◆ **Source material**:
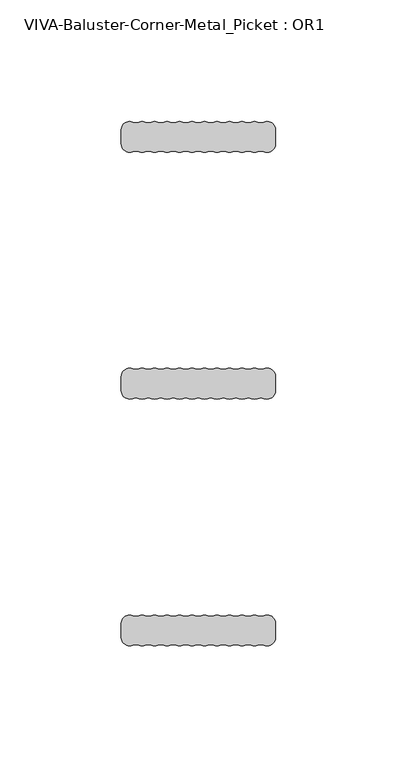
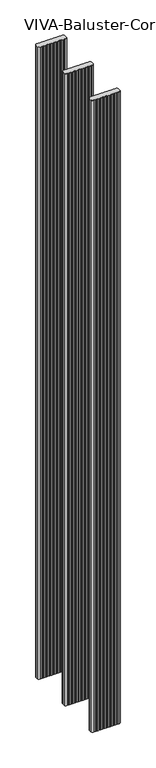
"""IFC4 building model written with IfcOpenShell, lengths in millimetres: railing geometry, VIVA-Baluster-Corner-Metal_Picket : OR1."""

import ifcopenshell
import ifcopenshell.guid

model = None  # the IFC model being written
_history = None  # IfcOwnerHistory: only IFC2X3 demands one
_inside = {}  # id of a spatial element -> (the spatial element, [elements in it])
_under = {}  # id of a project, library or spatial element -> (it, [spatial elements below it])
_declared = {}  # id of a project -> (the project, [libraries it declares])
_typed = {}  # id of a type object -> (the type object, [elements of that type])
_made_of = {}  # id of a material, layer set ... -> (it, [elements and type objects made of it])


def new_model(schema):
    """Start an empty IFC model of exactly this schema.

    Asked for "IFC4X3", IfcOpenShell would pick the latest addendum, in which some entities
    have other attributes; the version numbers below select the first issue.
    IFC2X3 requires an IfcOwnerHistory on every rooted entity: one is made here for all.
    """
    global model, _history
    if schema == "IFC4X3":
        model = ifcopenshell.file(schema_version=(4, 3, 0, 0))
    else:
        model = ifcopenshell.file(schema=schema)
    _inside.clear()
    _under.clear()
    _declared.clear()
    _typed.clear()
    _made_of.clear()
    _history = None
    if model.schema == "IFC2X3":
        org = make("IfcOrganization", Name="unknown")
        user = make(
            "IfcPersonAndOrganization",
            ThePerson=make("IfcPerson", FamilyName="unknown"),
            TheOrganization=org,
        )
        app = make(
            "IfcApplication",
            ApplicationDeveloper=org,
            Version="unknown",
            ApplicationFullName="unknown",
            ApplicationIdentifier="unknown",
        )
        _history = make(
            "IfcOwnerHistory",
            OwningUser=user,
            OwningApplication=app,
            ChangeAction="ADDED",
            CreationDate=0,
        )
    return model


def make(cls, **values):
    """One entity of the class cls with the attributes given. An attribute that is None is left unset."""
    return model.create_entity(
        cls, **{name: value for name, value in values.items() if value is not None}
    )


def rooted(cls, **values):
    """An entity with a GlobalId (a new one), such as an element, a storey or a relation."""
    return make(cls, GlobalId=ifcopenshell.guid.new(), OwnerHistory=_history, **values)


def si_unit(unit_type, name, prefix=None):
    """IfcSIUnit, for example si_unit("LENGTHUNIT", "METRE", prefix="MILLI")."""
    return make("IfcSIUnit", UnitType=unit_type, Prefix=prefix, Name=name)


def assignment(units):
    """IfcUnitAssignment: the units of a project."""
    return None if units is None else make("IfcUnitAssignment", Units=units)


def point(xyz):
    """IfcCartesianPoint."""
    return None if xyz is None else make("IfcCartesianPoint", Coordinates=xyz)


def direction(xyz):
    """IfcDirection."""
    return None if xyz is None else make("IfcDirection", DirectionRatios=xyz)


def frame(location, z_axis=None, x_axis=None):
    """IfcAxis2Placement3D, a coordinate frame: its origin and axes. An axis left out is left unset."""
    return make(
        "IfcAxis2Placement3D",
        Location=point(location),
        Axis=direction(z_axis),
        RefDirection=direction(x_axis),
    )


def frame_2d(location, x_axis=None):
    """IfcAxis2Placement2D, a coordinate frame in the plane: its origin and x axis."""
    return make(
        "IfcAxis2Placement2D", Location=point(location), RefDirection=direction(x_axis)
    )


def origin():
    """The frame at (0, 0, 0) with its axes left unset."""
    return frame((0.0, 0.0, 0.0))


def place(relative_to, where):
    """IfcLocalPlacement: puts the frame where relative to a parent placement (None: the world)."""
    return make(
        "IfcLocalPlacement", PlacementRelTo=relative_to, RelativePlacement=where
    )


def context(
    kind, dimensions, precision=None, world=None, true_north=None, identifier=None
):
    """IfcGeometricRepresentationContext, for example the 3D "Model" context."""
    return make(
        "IfcGeometricRepresentationContext",
        ContextIdentifier=identifier,
        ContextType=kind,
        CoordinateSpaceDimension=dimensions,
        Precision=precision,
        WorldCoordinateSystem=world,
        TrueNorth=true_north,
    )


def project(units=None, contexts=None):
    """IfcProject with its units and contexts."""
    return rooted(
        "IfcProject",
        Name="project",
        RepresentationContexts=contexts,
        UnitsInContext=assignment(units),
    )


def spatial(cls, under=None, at=None, **own):
    """A site, building, storey or space (cls), placed at a placement, below another one or the project."""
    s = rooted(cls, ObjectPlacement=at, **own)
    if under is not None:
        _under.setdefault(under.id(), (under, []))[1].append(s)
    return s


def polyline(points):
    """IfcPolyline through the points."""
    return make("IfcPolyline", Points=[point(p) for p in points])


def circle_curve(where, radius):
    """IfcCircle in the frame where."""
    return make("IfcCircle", Position=where, Radius=radius)


def trimmed(basis, trim1, trim2, sense, master):
    """IfcTrimmedCurve: the piece of a basis curve between two trims."""
    return make(
        "IfcTrimmedCurve",
        BasisCurve=basis,
        Trim1=trim1,
        Trim2=trim2,
        SenseAgreement=sense,
        MasterRepresentation=master,
    )


def segment(curve, same_sense, transition):
    """IfcCompositeCurveSegment."""
    return make(
        "IfcCompositeCurveSegment",
        Transition=transition,
        SameSense=same_sense,
        ParentCurve=curve,
    )


def composite_curve(segments, self_intersect=None):
    """IfcCompositeCurve: segments joined end to end."""
    return make("IfcCompositeCurve", Segments=segments, SelfIntersect=self_intersect)


def outline(outer, holes=None, kind="AREA"):
    """IfcArbitraryClosedProfileDef: a profile drawn as a closed curve; with holes, ...WithVoids."""
    if holes is None:
        return make("IfcArbitraryClosedProfileDef", ProfileType=kind, OuterCurve=outer)
    return make(
        "IfcArbitraryProfileDefWithVoids",
        ProfileType=kind,
        OuterCurve=outer,
        InnerCurves=holes,
    )


def extrude(swept, where, along, depth):
    """IfcExtrudedAreaSolid: the profile swept, set in the frame where, extruded along a direction by depth."""
    return make(
        "IfcExtrudedAreaSolid",
        SweptArea=swept,
        Position=where,
        ExtrudedDirection=direction(along),
        Depth=depth,
    )


def shape(context_of_items, identifier, shape_type, items):
    """IfcShapeRepresentation: the items that make up one representation, for example the "Body"."""
    return make(
        "IfcShapeRepresentation",
        ContextOfItems=context_of_items,
        RepresentationIdentifier=identifier,
        RepresentationType=shape_type,
        Items=items,
    )


def source(mapping_origin, context_of_items, identifier, shape_type, items):
    """IfcRepresentationMap: a shape defined once, which mapped items show again and again."""
    return make(
        "IfcRepresentationMap",
        MappingOrigin=mapping_origin,
        MappedRepresentation=shape(context_of_items, identifier, shape_type, items),
    )


def transform(
    local_origin,
    x_axis=None,
    y_axis=None,
    z_axis=None,
    scale=None,
    scale2=None,
    scale3=None,
    uniform=True,
):
    """IfcCartesianTransformationOperator3D, or its non-uniform kind. x_axis, y_axis, z_axis: its Axis1, 2, 3."""
    if uniform:
        return make(
            "IfcCartesianTransformationOperator3D",
            Axis1=direction(x_axis),
            Axis2=direction(y_axis),
            LocalOrigin=point(local_origin),
            Scale=scale,
            Axis3=direction(z_axis),
        )
    return make(
        "IfcCartesianTransformationOperator3DnonUniform",
        Axis1=direction(x_axis),
        Axis2=direction(y_axis),
        LocalOrigin=point(local_origin),
        Scale=scale,
        Axis3=direction(z_axis),
        Scale2=scale2,
        Scale3=scale3,
    )


def mapped(mapping_source, mapping_target):
    """IfcMappedItem: shows the shape of a source again, moved by a transform."""
    return make(
        "IfcMappedItem", MappingSource=mapping_source, MappingTarget=mapping_target
    )


def made_of(thing, what):
    """Note that an element or type object is made of a material, layer set ...; save() writes the relation."""
    if what is not None:
        _made_of.setdefault(what.id(), (what, []))[1].append(thing)
    return thing


def element(
    cls,
    number,
    at=None,
    inside=None,
    cuts=None,
    type_object=None,
    material=None,
    context=None,
    identifier="Body",
    shape_type=None,
    held_by="IfcProductDefinitionShape",
    body=None,
    shapes=None,
    **own,
):
    """One element of the class cls, such as IfcWall. Its Tag is "e" and its number.

    at: its placement. inside: the storey or other place that contains it. cuts: it is an
    opening in that element (IfcRelVoidsElement). A single representation is given by context,
    identifier, shape_type and body (its items); several are given by shapes. held_by: the class
    of the entity that holds the representations. save() writes the other relations.
    """
    e = rooted(cls, Tag="e%d" % number, ObjectPlacement=at, **own)
    if body is not None:
        shapes = [shape(context, identifier, shape_type, body)]
    if shapes is not None:
        e.Representation = make(held_by, Representations=shapes)
    if inside is not None:
        _inside.setdefault(inside.id(), (inside, []))[1].append(e)
    if cuts is not None:
        rooted(
            "IfcRelVoidsElement", RelatingBuildingElement=cuts, RelatedOpeningElement=e
        )
    if type_object is not None:
        _typed.setdefault(type_object.id(), (type_object, []))[1].append(e)
    return made_of(e, material)


def aggregate(whole, parts):
    """IfcRelAggregates: a whole, such as a stair, and the parts it consists of."""
    return rooted("IfcRelAggregates", RelatingObject=whole, RelatedObjects=parts)


def save(model, path):
    """Write the relations noted so far, then the file.

    IfcRelAggregates (storeys below a building ...), IfcRelContainedInSpatialStructure (elements
    in a storey), IfcRelDefinesByType, IfcRelAssociatesMaterial and IfcRelDeclares: one each for
    every whole, place, type object, material and project.
    """
    for whole, parts in _under.values():
        aggregate(whole, parts)
    for where, things in _inside.values():
        rooted(
            "IfcRelContainedInSpatialStructure",
            RelatedElements=things,
            RelatingStructure=where,
        )
    for kind, things in _typed.values():
        rooted("IfcRelDefinesByType", RelatedObjects=things, RelatingType=kind)
    for what, things in _made_of.values():
        rooted("IfcRelAssociatesMaterial", RelatedObjects=things, RelatingMaterial=what)
    for by, libraries in _declared.values():
        rooted("IfcRelDeclares", RelatingContext=by, RelatedDefinitions=libraries)
    model.write(path)


def viva_baluster_corner_metal_picket_or1_6b40696d(model_context):
    return source(origin(), model_context, "Body", "SweptSolid", [
        extrude(outline(composite_curve([segment(trimmed(circle_curve(frame_2d((53.2043012, 82.6550148)), 3.4374084), [point((51.9173652, 85.8424232))], [point((56.6417096, 82.6550148))], False, "CARTESIAN"), True, "CONTINUOUS"), segment(polyline([(56.6417096, 82.6550148), (56.6417096, 76.8298317)]), True, "CONTINUOUS"), segment(trimmed(circle_curve(frame_2d((53.2043012, 76.8298317)), 3.4374084), [point((56.6417096, 76.8298317))], [point((51.9173652, 73.6424232))], False, "CARTESIAN"), True, "CONTINUOUS"), segment(trimmed(circle_curve(frame_2d((50.6304292, 70.4550148)), 3.4374084), [point((51.9173652, 73.6424232))], [point((49.3434933, 73.6424232))], True, "CARTESIAN"), True, "CONTINUOUS"), segment(trimmed(circle_curve(frame_2d((48.0565573, 76.8298317)), 3.4374084), [point((49.3434933, 73.6424232))], [point((46.7696213, 73.6424232))], False, "CARTESIAN"), True, "CONTINUOUS"), segment(trimmed(circle_curve(frame_2d((45.4826853, 70.4550148)), 3.4374084), [point((46.7696213, 73.6424232))], [point((44.1957493, 73.6424232))], True, "CARTESIAN"), True, "CONTINUOUS"), segment(trimmed(circle_curve(frame_2d((42.9088134, 76.8298317)), 3.4374084), [point((44.1957493, 73.6424232))], [point((41.6218774, 73.6424232))], False, "CARTESIAN"), True, "CONTINUOUS"), segment(trimmed(circle_curve(frame_2d((40.3349414, 70.4550148)), 3.4374084), [point((41.6218774, 73.6424232))], [point((39.0480054, 73.6424232))], True, "CARTESIAN"), True, "CONTINUOUS"), segment(trimmed(circle_curve(frame_2d((37.7610694, 76.8298317)), 3.4374084), [point((39.0480054, 73.6424232))], [point((36.4741335, 73.6424232))], False, "CARTESIAN"), True, "CONTINUOUS"), segment(trimmed(circle_curve(frame_2d((35.1871975, 70.4550148)), 3.4374084), [point((36.4741335, 73.6424232))], [point((33.9002615, 73.6424232))], True, "CARTESIAN"), True, "CONTINUOUS"), segment(trimmed(circle_curve(frame_2d((32.6133255, 76.8298317)), 3.4374084), [point((33.9002615, 73.6424232))], [point((31.3263895, 73.6424232))], False, "CARTESIAN"), True, "CONTINUOUS"), segment(trimmed(circle_curve(frame_2d((30.0394536, 70.4550148)), 3.4374084), [point((31.3263895, 73.6424232))], [point((28.7525176, 73.6424232))], True, "CARTESIAN"), True, "CONTINUOUS"), segment(trimmed(circle_curve(frame_2d((27.4655816, 76.8298317)), 3.4374084), [point((28.7525176, 73.6424232))], [point((26.1786456, 73.6424232))], False, "CARTESIAN"), True, "CONTINUOUS"), segment(trimmed(circle_curve(frame_2d((24.8917096, 70.4550148)), 3.4374084), [point((26.1786456, 73.6424232))], [point((23.6047737, 73.6424232))], True, "CARTESIAN"), True, "CONTINUOUS"), segment(trimmed(circle_curve(frame_2d((22.3178377, 76.8298317)), 3.4374084), [point((23.6047737, 73.6424232))], [point((21.0309017, 73.6424232))], False, "CARTESIAN"), True, "CONTINUOUS"), segment(trimmed(circle_curve(frame_2d((19.7439657, 70.4550148)), 3.4374084), [point((21.0309017, 73.6424232))], [point((18.4570297, 73.6424232))], True, "CARTESIAN"), True, "CONTINUOUS"), segment(trimmed(circle_curve(frame_2d((17.1700938, 76.8298317)), 3.4374084), [point((18.4570297, 73.6424232))], [point((15.8831578, 73.6424232))], False, "CARTESIAN"), True, "CONTINUOUS"), segment(trimmed(circle_curve(frame_2d((14.5962218, 70.4550148)), 3.4374084), [point((15.8831578, 73.6424232))], [point((13.3092858, 73.6424232))], True, "CARTESIAN"), True, "CONTINUOUS"), segment(trimmed(circle_curve(frame_2d((12.0223498, 76.8298317)), 3.4374084), [point((13.3092858, 73.6424232))], [point((10.7354139, 73.6424232))], False, "CARTESIAN"), True, "CONTINUOUS"), segment(trimmed(circle_curve(frame_2d((9.4484779, 70.4550148)), 3.4374084), [point((10.7354139, 73.6424232))], [point((8.1615419, 73.6424232))], True, "CARTESIAN"), True, "CONTINUOUS"), segment(trimmed(circle_curve(frame_2d((6.8746059, 76.8298317)), 3.4374084), [point((8.1615419, 73.6424232))], [point((5.5876699, 73.6424232))], False, "CARTESIAN"), True, "CONTINUOUS"), segment(trimmed(circle_curve(frame_2d((4.3007339, 70.4550148)), 3.4374084), [point((5.5876699, 73.6424232))], [point((3.013798, 73.6424232))], True, "CARTESIAN"), True, "CONTINUOUS"), segment(trimmed(circle_curve(frame_2d((1.726862, 76.8298317)), 3.4374084), [point((3.013798, 73.6424232))], [point((0.439926, 73.6424232))], False, "CARTESIAN"), True, "CONTINUOUS"), segment(trimmed(circle_curve(frame_2d((-0.84701, 70.4550148)), 3.4374084), [point((0.439926, 73.6424232))], [point((-2.133946, 73.6424232))], True, "CARTESIAN"), True, "CONTINUOUS"), segment(trimmed(circle_curve(frame_2d((-3.4208819, 76.8298317)), 3.4374084), [point((-2.133946, 73.6424232))], [point((-6.8582904, 76.8298317))], False, "CARTESIAN"), True, "CONTINUOUS"), segment(polyline([(-6.8582904, 76.8298317), (-6.8582904, 82.6550148)]), True, "CONTINUOUS"), segment(trimmed(circle_curve(frame_2d((-3.4208819, 82.6550148)), 3.4374084), [point((-6.8582904, 82.6550148))], [point((-2.133946, 85.8424232))], False, "CARTESIAN"), True, "CONTINUOUS"), segment(trimmed(circle_curve(frame_2d((-0.84701, 89.0298317)), 3.4374084), [point((-2.133946, 85.8424232))], [point((0.439926, 85.8424232))], True, "CARTESIAN"), True, "CONTINUOUS"), segment(trimmed(circle_curve(frame_2d((1.726862, 82.6550148)), 3.4374084), [point((0.439926, 85.8424232))], [point((3.013798, 85.8424232))], False, "CARTESIAN"), True, "CONTINUOUS"), segment(trimmed(circle_curve(frame_2d((4.3007339, 89.0298317)), 3.4374084), [point((3.013798, 85.8424232))], [point((5.5876699, 85.8424232))], True, "CARTESIAN"), True, "CONTINUOUS"), segment(trimmed(circle_curve(frame_2d((6.8746059, 82.6550148)), 3.4374084), [point((5.5876699, 85.8424232))], [point((8.1615419, 85.8424232))], False, "CARTESIAN"), True, "CONTINUOUS"), segment(trimmed(circle_curve(frame_2d((9.4484779, 89.0298317)), 3.4374084), [point((8.1615419, 85.8424232))], [point((10.7354139, 85.8424232))], True, "CARTESIAN"), True, "CONTINUOUS"), segment(trimmed(circle_curve(frame_2d((12.0223498, 82.6550148)), 3.4374084), [point((10.7354139, 85.8424232))], [point((13.3092858, 85.8424232))], False, "CARTESIAN"), True, "CONTINUOUS"), segment(trimmed(circle_curve(frame_2d((14.5962218, 89.0298317)), 3.4374084), [point((13.3092858, 85.8424232))], [point((15.8831578, 85.8424232))], True, "CARTESIAN"), True, "CONTINUOUS"), segment(trimmed(circle_curve(frame_2d((17.1700938, 82.6550148)), 3.4374084), [point((15.8831578, 85.8424232))], [point((18.4570297, 85.8424232))], False, "CARTESIAN"), True, "CONTINUOUS"), segment(trimmed(circle_curve(frame_2d((19.7439657, 89.0298317)), 3.4374084), [point((18.4570297, 85.8424232))], [point((21.0309017, 85.8424232))], True, "CARTESIAN"), True, "CONTINUOUS"), segment(trimmed(circle_curve(frame_2d((22.3178377, 82.6550148)), 3.4374084), [point((21.0309017, 85.8424232))], [point((23.6047737, 85.8424232))], False, "CARTESIAN"), True, "CONTINUOUS"), segment(trimmed(circle_curve(frame_2d((24.8917096, 89.0298317)), 3.4374084), [point((23.6047737, 85.8424232))], [point((26.1786456, 85.8424232))], True, "CARTESIAN"), True, "CONTINUOUS"), segment(trimmed(circle_curve(frame_2d((27.4655816, 82.6550148)), 3.4374084), [point((26.1786456, 85.8424232))], [point((28.7525176, 85.8424232))], False, "CARTESIAN"), True, "CONTINUOUS"), segment(trimmed(circle_curve(frame_2d((30.0394536, 89.0298317)), 3.4374084), [point((28.7525176, 85.8424232))], [point((31.3263895, 85.8424232))], True, "CARTESIAN"), True, "CONTINUOUS"), segment(trimmed(circle_curve(frame_2d((32.6133255, 82.6550148)), 3.4374084), [point((31.3263895, 85.8424232))], [point((33.9002615, 85.8424232))], False, "CARTESIAN"), True, "CONTINUOUS"), segment(trimmed(circle_curve(frame_2d((35.1871975, 89.0298317)), 3.4374084), [point((33.9002615, 85.8424232))], [point((36.4741335, 85.8424232))], True, "CARTESIAN"), True, "CONTINUOUS"), segment(trimmed(circle_curve(frame_2d((37.7610694, 82.6550148)), 3.4374084), [point((36.4741335, 85.8424232))], [point((39.0480054, 85.8424232))], False, "CARTESIAN"), True, "CONTINUOUS"), segment(trimmed(circle_curve(frame_2d((40.3349414, 89.0298317)), 3.4374084), [point((39.0480054, 85.8424232))], [point((41.6218774, 85.8424232))], True, "CARTESIAN"), True, "CONTINUOUS"), segment(trimmed(circle_curve(frame_2d((42.9088134, 82.6550148)), 3.4374084), [point((41.6218774, 85.8424232))], [point((44.1957493, 85.8424232))], False, "CARTESIAN"), True, "CONTINUOUS"), segment(trimmed(circle_curve(frame_2d((45.4826853, 89.0298317)), 3.4374084), [point((44.1957493, 85.8424232))], [point((46.7696213, 85.8424232))], True, "CARTESIAN"), True, "CONTINUOUS"), segment(trimmed(circle_curve(frame_2d((48.0565573, 82.6550148)), 3.4374084), [point((46.7696213, 85.8424232))], [point((49.3434933, 85.8424232))], False, "CARTESIAN"), True, "CONTINUOUS"), segment(trimmed(circle_curve(frame_2d((50.6304292, 89.0298317)), 3.4374084), [point((49.3434933, 85.8424232))], [point((51.9173652, 85.8424232))], True, "CARTESIAN"), True, "CONTINUOUS")], self_intersect=False)), frame((0.0, 0.0, -245.8945017), z_axis=(0.0, 0.0, 1.0), x_axis=(1.0, 0.0, 0.0)), (0.0, 0.0, 1.0), 1465.0945017),
        extrude(outline(composite_curve([segment(trimmed(circle_curve(frame_2d((53.2043012, 184.2550148)), 3.4374084), [point((51.9173652, 187.4424232))], [point((56.6417096, 184.2550148))], False, "CARTESIAN"), True, "CONTINUOUS"), segment(polyline([(56.6417096, 184.2550148), (56.6417096, 178.4298317)]), True, "CONTINUOUS"), segment(trimmed(circle_curve(frame_2d((53.2043012, 178.4298317)), 3.4374084), [point((56.6417096, 178.4298317))], [point((51.9173652, 175.2424232))], False, "CARTESIAN"), True, "CONTINUOUS"), segment(trimmed(circle_curve(frame_2d((50.6304292, 172.0550148)), 3.4374084), [point((51.9173652, 175.2424232))], [point((49.3434933, 175.2424232))], True, "CARTESIAN"), True, "CONTINUOUS"), segment(trimmed(circle_curve(frame_2d((48.0565573, 178.4298317)), 3.4374084), [point((49.3434933, 175.2424232))], [point((46.7696213, 175.2424232))], False, "CARTESIAN"), True, "CONTINUOUS"), segment(trimmed(circle_curve(frame_2d((45.4826853, 172.0550148)), 3.4374084), [point((46.7696213, 175.2424232))], [point((44.1957493, 175.2424232))], True, "CARTESIAN"), True, "CONTINUOUS"), segment(trimmed(circle_curve(frame_2d((42.9088134, 178.4298317)), 3.4374084), [point((44.1957493, 175.2424232))], [point((41.6218774, 175.2424232))], False, "CARTESIAN"), True, "CONTINUOUS"), segment(trimmed(circle_curve(frame_2d((40.3349414, 172.0550148)), 3.4374084), [point((41.6218774, 175.2424232))], [point((39.0480054, 175.2424232))], True, "CARTESIAN"), True, "CONTINUOUS"), segment(trimmed(circle_curve(frame_2d((37.7610694, 178.4298317)), 3.4374084), [point((39.0480054, 175.2424232))], [point((36.4741335, 175.2424232))], False, "CARTESIAN"), True, "CONTINUOUS"), segment(trimmed(circle_curve(frame_2d((35.1871975, 172.0550148)), 3.4374084), [point((36.4741335, 175.2424232))], [point((33.9002615, 175.2424232))], True, "CARTESIAN"), True, "CONTINUOUS"), segment(trimmed(circle_curve(frame_2d((32.6133255, 178.4298317)), 3.4374084), [point((33.9002615, 175.2424232))], [point((31.3263895, 175.2424232))], False, "CARTESIAN"), True, "CONTINUOUS"), segment(trimmed(circle_curve(frame_2d((30.0394536, 172.0550148)), 3.4374084), [point((31.3263895, 175.2424232))], [point((28.7525176, 175.2424232))], True, "CARTESIAN"), True, "CONTINUOUS"), segment(trimmed(circle_curve(frame_2d((27.4655816, 178.4298317)), 3.4374084), [point((28.7525176, 175.2424232))], [point((26.1786456, 175.2424232))], False, "CARTESIAN"), True, "CONTINUOUS"), segment(trimmed(circle_curve(frame_2d((24.8917096, 172.0550148)), 3.4374084), [point((26.1786456, 175.2424232))], [point((23.6047737, 175.2424232))], True, "CARTESIAN"), True, "CONTINUOUS"), segment(trimmed(circle_curve(frame_2d((22.3178377, 178.4298317)), 3.4374084), [point((23.6047737, 175.2424232))], [point((21.0309017, 175.2424232))], False, "CARTESIAN"), True, "CONTINUOUS"), segment(trimmed(circle_curve(frame_2d((19.7439657, 172.0550148)), 3.4374084), [point((21.0309017, 175.2424232))], [point((18.4570297, 175.2424232))], True, "CARTESIAN"), True, "CONTINUOUS"), segment(trimmed(circle_curve(frame_2d((17.1700938, 178.4298317)), 3.4374084), [point((18.4570297, 175.2424232))], [point((15.8831578, 175.2424232))], False, "CARTESIAN"), True, "CONTINUOUS"), segment(trimmed(circle_curve(frame_2d((14.5962218, 172.0550148)), 3.4374084), [point((15.8831578, 175.2424232))], [point((13.3092858, 175.2424232))], True, "CARTESIAN"), True, "CONTINUOUS"), segment(trimmed(circle_curve(frame_2d((12.0223498, 178.4298317)), 3.4374084), [point((13.3092858, 175.2424232))], [point((10.7354138, 175.2424232))], False, "CARTESIAN"), True, "CONTINUOUS"), segment(trimmed(circle_curve(frame_2d((9.4484779, 172.0550148)), 3.4374084), [point((10.7354138, 175.2424232))], [point((8.1615419, 175.2424232))], True, "CARTESIAN"), True, "CONTINUOUS"), segment(trimmed(circle_curve(frame_2d((6.8746059, 178.4298317)), 3.4374084), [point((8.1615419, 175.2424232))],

◆ **Exercise goal**:
Scan the listing above. Gather each line that contains the word "again".

◆ **Answer for the task**:
    """IfcRepresentationMap: a shape defined once, which mapped items show again and again."""
    """IfcMappedItem: shows the shape of a source again, moved by a transform."""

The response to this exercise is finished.